-- Directions for this task --
Could you retype, exactly as written, every line from the top of the records through the line that contains "Saved by Autodesk"?

Source records

• • • •

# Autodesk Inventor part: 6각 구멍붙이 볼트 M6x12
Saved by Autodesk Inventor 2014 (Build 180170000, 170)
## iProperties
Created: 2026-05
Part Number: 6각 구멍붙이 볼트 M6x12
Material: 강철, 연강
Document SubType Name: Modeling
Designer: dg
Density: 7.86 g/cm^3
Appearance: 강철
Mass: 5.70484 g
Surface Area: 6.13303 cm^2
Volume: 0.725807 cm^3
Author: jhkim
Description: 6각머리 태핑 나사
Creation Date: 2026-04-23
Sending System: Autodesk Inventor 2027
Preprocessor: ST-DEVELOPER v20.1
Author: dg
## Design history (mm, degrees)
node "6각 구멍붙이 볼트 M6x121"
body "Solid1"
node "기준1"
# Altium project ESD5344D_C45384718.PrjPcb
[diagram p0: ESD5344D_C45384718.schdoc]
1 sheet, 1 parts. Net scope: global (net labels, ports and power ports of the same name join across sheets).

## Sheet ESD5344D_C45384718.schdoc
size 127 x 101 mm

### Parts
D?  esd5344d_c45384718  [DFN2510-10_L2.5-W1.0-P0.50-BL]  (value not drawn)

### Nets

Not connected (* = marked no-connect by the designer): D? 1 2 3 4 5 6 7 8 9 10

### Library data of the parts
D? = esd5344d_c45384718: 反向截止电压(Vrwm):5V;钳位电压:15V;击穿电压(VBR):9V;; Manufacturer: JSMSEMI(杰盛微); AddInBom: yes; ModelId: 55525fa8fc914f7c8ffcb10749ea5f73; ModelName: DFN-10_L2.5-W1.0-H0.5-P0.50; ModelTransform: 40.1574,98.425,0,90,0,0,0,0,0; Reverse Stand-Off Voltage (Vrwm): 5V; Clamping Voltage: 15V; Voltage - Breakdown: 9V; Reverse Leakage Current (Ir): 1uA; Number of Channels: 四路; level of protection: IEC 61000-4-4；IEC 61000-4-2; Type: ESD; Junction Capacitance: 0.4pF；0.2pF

• • • •

-- Answer --
# Autodesk Inventor part: 6각 구멍붙이 볼트 M6x12
Saved by Autodesk Inventor 2014 (Build 180170000, 170)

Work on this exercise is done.